◆ THE TASK ◆
Nothing below is to be printed except the lines between the line holding "#240 = EDGE_CURVE" and the line holding "#372 = VECTOR ( 'NONE', #35, 1000. ) ;", inclusive, each exactly as it appears.

+---+

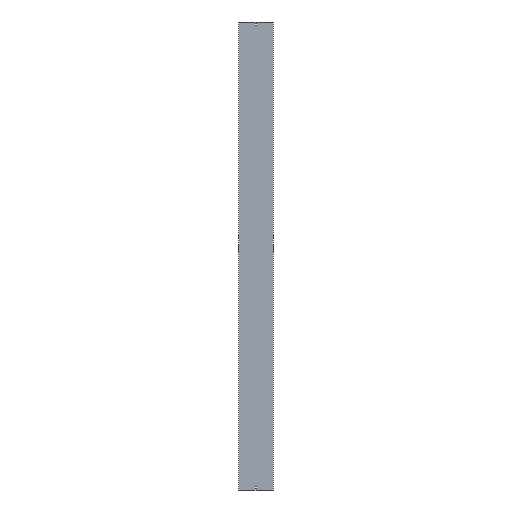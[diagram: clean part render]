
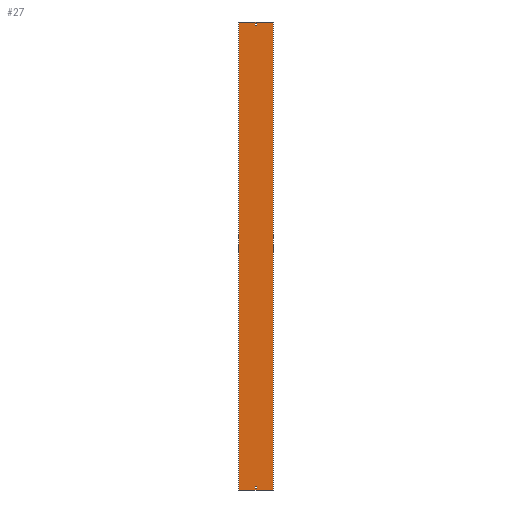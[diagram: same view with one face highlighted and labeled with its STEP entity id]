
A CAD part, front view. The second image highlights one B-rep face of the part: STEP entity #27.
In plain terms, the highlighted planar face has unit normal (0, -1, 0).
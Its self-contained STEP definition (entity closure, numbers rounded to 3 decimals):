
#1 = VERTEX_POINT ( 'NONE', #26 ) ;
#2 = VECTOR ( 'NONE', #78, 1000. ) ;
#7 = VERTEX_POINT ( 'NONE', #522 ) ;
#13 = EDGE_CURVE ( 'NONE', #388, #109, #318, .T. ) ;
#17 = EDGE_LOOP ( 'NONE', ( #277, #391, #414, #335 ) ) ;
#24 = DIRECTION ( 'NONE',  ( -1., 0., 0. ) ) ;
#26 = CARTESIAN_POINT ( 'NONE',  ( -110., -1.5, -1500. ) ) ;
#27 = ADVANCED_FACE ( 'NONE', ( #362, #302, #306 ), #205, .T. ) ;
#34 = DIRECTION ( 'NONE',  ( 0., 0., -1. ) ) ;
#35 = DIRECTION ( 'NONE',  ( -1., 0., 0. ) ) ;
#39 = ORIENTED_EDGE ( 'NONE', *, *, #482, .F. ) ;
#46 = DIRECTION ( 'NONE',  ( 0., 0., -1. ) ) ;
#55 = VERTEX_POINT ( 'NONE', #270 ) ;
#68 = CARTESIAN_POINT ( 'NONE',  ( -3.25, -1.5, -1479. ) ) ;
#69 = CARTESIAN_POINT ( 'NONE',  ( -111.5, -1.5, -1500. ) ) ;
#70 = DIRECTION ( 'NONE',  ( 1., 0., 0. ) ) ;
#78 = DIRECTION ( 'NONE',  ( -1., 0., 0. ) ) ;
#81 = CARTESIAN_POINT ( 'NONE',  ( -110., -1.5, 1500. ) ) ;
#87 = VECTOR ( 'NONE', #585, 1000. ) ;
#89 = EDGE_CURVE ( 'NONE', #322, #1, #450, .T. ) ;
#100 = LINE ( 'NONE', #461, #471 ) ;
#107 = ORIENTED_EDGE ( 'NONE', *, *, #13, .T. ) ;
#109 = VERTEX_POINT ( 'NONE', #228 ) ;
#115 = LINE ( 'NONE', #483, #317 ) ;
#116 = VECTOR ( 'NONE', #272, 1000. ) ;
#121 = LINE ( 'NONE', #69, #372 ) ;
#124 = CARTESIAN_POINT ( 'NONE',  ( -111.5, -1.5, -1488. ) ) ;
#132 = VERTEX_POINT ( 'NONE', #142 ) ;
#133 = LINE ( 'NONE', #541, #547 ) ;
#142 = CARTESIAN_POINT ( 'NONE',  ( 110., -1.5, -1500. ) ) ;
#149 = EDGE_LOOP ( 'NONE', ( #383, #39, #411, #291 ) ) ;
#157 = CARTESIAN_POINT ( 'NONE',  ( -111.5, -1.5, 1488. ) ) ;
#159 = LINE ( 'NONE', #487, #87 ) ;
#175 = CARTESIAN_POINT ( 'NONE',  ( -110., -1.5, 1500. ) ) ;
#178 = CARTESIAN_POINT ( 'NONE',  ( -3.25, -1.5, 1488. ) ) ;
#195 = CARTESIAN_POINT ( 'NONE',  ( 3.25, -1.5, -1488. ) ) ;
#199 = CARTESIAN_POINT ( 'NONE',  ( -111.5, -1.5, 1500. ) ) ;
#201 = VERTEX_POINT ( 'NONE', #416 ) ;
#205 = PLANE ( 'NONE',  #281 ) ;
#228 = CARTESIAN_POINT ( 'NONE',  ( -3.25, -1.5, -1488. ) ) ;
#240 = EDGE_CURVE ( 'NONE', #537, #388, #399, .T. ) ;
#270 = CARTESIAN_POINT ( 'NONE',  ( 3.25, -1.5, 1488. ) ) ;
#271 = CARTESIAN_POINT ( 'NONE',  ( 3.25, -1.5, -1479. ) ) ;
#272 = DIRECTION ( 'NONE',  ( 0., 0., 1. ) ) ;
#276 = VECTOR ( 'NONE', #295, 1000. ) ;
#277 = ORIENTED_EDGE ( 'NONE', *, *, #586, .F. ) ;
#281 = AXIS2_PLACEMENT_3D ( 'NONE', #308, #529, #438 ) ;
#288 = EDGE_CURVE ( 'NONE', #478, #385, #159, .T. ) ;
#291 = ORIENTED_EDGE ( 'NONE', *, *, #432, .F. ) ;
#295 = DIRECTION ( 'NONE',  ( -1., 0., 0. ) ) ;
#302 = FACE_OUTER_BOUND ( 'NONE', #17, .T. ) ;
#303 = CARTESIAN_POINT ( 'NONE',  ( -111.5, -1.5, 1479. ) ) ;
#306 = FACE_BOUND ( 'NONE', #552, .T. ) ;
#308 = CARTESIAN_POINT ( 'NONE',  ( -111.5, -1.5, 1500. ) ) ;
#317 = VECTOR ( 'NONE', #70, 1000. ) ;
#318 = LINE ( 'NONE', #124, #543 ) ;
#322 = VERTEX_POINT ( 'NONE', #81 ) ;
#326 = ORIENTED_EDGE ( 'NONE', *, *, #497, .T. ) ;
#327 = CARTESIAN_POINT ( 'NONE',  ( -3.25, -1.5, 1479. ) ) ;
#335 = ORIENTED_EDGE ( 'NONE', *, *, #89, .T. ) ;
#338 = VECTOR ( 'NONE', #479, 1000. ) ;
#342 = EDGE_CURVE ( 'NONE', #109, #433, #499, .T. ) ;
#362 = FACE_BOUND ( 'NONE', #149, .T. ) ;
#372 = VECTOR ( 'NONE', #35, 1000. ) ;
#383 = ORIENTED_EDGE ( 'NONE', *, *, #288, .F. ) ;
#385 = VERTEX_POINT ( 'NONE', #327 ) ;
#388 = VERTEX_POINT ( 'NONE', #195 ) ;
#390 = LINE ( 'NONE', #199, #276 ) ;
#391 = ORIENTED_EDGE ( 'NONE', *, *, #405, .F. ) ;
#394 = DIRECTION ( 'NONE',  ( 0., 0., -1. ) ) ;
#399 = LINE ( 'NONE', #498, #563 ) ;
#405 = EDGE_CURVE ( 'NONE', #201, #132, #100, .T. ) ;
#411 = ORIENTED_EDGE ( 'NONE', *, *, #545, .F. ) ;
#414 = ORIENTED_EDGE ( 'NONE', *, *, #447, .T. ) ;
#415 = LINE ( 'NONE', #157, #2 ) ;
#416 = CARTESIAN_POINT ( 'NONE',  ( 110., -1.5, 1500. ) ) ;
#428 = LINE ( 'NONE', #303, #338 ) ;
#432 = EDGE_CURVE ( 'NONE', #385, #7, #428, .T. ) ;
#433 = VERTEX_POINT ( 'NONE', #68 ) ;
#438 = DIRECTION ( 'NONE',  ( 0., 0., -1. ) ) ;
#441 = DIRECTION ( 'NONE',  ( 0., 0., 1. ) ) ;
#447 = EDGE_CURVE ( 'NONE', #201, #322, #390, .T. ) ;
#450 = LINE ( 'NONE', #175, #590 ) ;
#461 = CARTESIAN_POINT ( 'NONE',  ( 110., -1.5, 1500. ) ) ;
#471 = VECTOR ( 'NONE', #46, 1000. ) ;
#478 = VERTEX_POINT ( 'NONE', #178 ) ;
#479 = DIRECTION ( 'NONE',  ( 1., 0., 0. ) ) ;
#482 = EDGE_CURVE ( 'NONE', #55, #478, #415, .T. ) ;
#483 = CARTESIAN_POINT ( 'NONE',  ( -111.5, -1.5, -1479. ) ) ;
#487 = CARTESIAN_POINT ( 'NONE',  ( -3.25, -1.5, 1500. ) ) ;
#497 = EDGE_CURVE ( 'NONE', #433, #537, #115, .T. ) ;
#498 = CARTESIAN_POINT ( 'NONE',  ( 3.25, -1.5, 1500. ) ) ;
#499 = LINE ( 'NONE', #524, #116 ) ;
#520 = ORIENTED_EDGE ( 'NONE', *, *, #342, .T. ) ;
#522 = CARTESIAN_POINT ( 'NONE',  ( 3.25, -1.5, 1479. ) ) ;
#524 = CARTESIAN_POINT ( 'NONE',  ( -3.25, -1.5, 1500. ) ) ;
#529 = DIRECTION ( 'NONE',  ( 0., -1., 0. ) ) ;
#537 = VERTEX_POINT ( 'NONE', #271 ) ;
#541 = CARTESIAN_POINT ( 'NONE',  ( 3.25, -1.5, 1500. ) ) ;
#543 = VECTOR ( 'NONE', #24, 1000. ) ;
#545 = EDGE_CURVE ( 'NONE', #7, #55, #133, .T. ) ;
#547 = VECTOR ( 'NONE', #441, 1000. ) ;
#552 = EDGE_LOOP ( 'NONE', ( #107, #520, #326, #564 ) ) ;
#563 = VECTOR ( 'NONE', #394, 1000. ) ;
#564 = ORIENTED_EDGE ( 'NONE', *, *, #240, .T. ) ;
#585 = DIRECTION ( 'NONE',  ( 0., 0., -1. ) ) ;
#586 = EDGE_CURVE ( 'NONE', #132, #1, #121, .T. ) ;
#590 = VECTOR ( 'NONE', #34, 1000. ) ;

+---+

◆ TASK ANSWER ◆
#240 = EDGE_CURVE ( 'NONE', #537, #388, #399, .T. ) ;
#270 = CARTESIAN_POINT ( 'NONE',  ( 3.25, -1.5, 1488. ) ) ;
#271 = CARTESIAN_POINT ( 'NONE',  ( 3.25, -1.5, -1479. ) ) ;
#272 = DIRECTION ( 'NONE',  ( 0., 0., 1. ) ) ;
#276 = VECTOR ( 'NONE', #295, 1000. ) ;
#277 = ORIENTED_EDGE ( 'NONE', *, *, #586, .F. ) ;
#281 = AXIS2_PLACEMENT_3D ( 'NONE', #308, #529, #438 ) ;
#288 = EDGE_CURVE ( 'NONE', #478, #385, #159, .T. ) ;
#291 = ORIENTED_EDGE ( 'NONE', *, *, #432, .F. ) ;
#295 = DIRECTION ( 'NONE',  ( -1., 0., 0. ) ) ;
#302 = FACE_OUTER_BOUND ( 'NONE', #17, .T. ) ;
#303 = CARTESIAN_POINT ( 'NONE',  ( -111.5, -1.5, 1479. ) ) ;
#306 = FACE_BOUND ( 'NONE', #552, .T. ) ;
#308 = CARTESIAN_POINT ( 'NONE',  ( -111.5, -1.5, 1500. ) ) ;
#317 = VECTOR ( 'NONE', #70, 1000. ) ;
#318 = LINE ( 'NONE', #124, #543 ) ;
#322 = VERTEX_POINT ( 'NONE', #81 ) ;
#326 = ORIENTED_EDGE ( 'NONE', *, *, #497, .T. ) ;
#327 = CARTESIAN_POINT ( 'NONE',  ( -3.25, -1.5, 1479. ) ) ;
#335 = ORIENTED_EDGE ( 'NONE', *, *, #89, .T. ) ;
#338 = VECTOR ( 'NONE', #479, 1000. ) ;
#342 = EDGE_CURVE ( 'NONE', #109, #433, #499, .T. ) ;
#362 = FACE_BOUND ( 'NONE', #149, .T. ) ;
#372 = VECTOR ( 'NONE', #35, 1000. ) ;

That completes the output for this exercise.